- **YOUR OBJECTIVE**:
Pull every line with "diameter" from the entries below.

- **INPUT MATERIAL**:
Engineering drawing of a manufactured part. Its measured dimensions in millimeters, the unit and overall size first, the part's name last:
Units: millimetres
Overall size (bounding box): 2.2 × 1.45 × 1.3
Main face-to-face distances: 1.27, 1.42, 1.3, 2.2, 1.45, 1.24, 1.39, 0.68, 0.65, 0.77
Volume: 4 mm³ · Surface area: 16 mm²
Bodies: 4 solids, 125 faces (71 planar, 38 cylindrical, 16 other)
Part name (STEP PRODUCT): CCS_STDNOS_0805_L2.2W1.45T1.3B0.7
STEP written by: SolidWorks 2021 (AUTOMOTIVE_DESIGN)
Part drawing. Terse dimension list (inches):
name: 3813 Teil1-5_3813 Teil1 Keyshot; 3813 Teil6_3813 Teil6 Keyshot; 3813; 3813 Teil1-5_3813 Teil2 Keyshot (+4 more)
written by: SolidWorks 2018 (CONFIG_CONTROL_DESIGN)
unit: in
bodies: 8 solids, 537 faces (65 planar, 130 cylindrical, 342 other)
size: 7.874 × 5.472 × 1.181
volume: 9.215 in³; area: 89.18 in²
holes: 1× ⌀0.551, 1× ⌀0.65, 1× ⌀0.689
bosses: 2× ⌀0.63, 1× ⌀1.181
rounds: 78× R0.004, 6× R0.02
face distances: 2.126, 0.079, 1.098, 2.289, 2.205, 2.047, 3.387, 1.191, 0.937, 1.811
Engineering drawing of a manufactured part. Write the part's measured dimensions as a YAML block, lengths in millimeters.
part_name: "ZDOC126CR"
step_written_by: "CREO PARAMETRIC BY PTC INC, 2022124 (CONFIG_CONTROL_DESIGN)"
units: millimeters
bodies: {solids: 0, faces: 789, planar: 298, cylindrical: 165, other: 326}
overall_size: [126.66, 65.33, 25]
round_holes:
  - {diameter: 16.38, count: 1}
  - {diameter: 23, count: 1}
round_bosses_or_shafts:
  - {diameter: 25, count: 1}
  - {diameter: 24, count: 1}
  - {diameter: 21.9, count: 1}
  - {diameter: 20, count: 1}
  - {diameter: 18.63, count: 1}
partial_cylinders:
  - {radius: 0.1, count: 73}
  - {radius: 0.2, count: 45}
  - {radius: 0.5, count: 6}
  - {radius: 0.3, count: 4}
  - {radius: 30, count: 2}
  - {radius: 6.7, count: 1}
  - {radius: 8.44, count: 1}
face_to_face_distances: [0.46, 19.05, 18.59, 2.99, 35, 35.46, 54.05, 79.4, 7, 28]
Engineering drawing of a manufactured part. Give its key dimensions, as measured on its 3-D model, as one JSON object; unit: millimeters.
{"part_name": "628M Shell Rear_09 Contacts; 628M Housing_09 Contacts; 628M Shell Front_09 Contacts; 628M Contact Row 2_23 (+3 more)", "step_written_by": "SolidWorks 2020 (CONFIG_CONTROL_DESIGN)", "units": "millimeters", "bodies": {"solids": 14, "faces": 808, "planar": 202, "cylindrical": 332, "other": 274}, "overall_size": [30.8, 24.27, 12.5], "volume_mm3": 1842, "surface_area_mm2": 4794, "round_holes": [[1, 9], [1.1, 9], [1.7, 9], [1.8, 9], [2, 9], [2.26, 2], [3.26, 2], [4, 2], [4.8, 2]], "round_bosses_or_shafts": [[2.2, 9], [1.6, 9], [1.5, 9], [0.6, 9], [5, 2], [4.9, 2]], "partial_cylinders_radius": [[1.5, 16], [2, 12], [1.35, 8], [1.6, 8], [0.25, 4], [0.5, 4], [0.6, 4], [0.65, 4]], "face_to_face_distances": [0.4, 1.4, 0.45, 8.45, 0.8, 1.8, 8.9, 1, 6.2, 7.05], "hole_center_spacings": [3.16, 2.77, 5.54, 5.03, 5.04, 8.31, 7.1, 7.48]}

- **TASK RESPONSE**:
  - {diameter: 16.38, count: 1}
  - {diameter: 23, count: 1}
  - {diameter: 25, count: 1}
  - {diameter: 24, count: 1}
  - {diameter: 21.9, count: 1}
  - {diameter: 20, count: 1}
  - {diameter: 18.63, count: 1}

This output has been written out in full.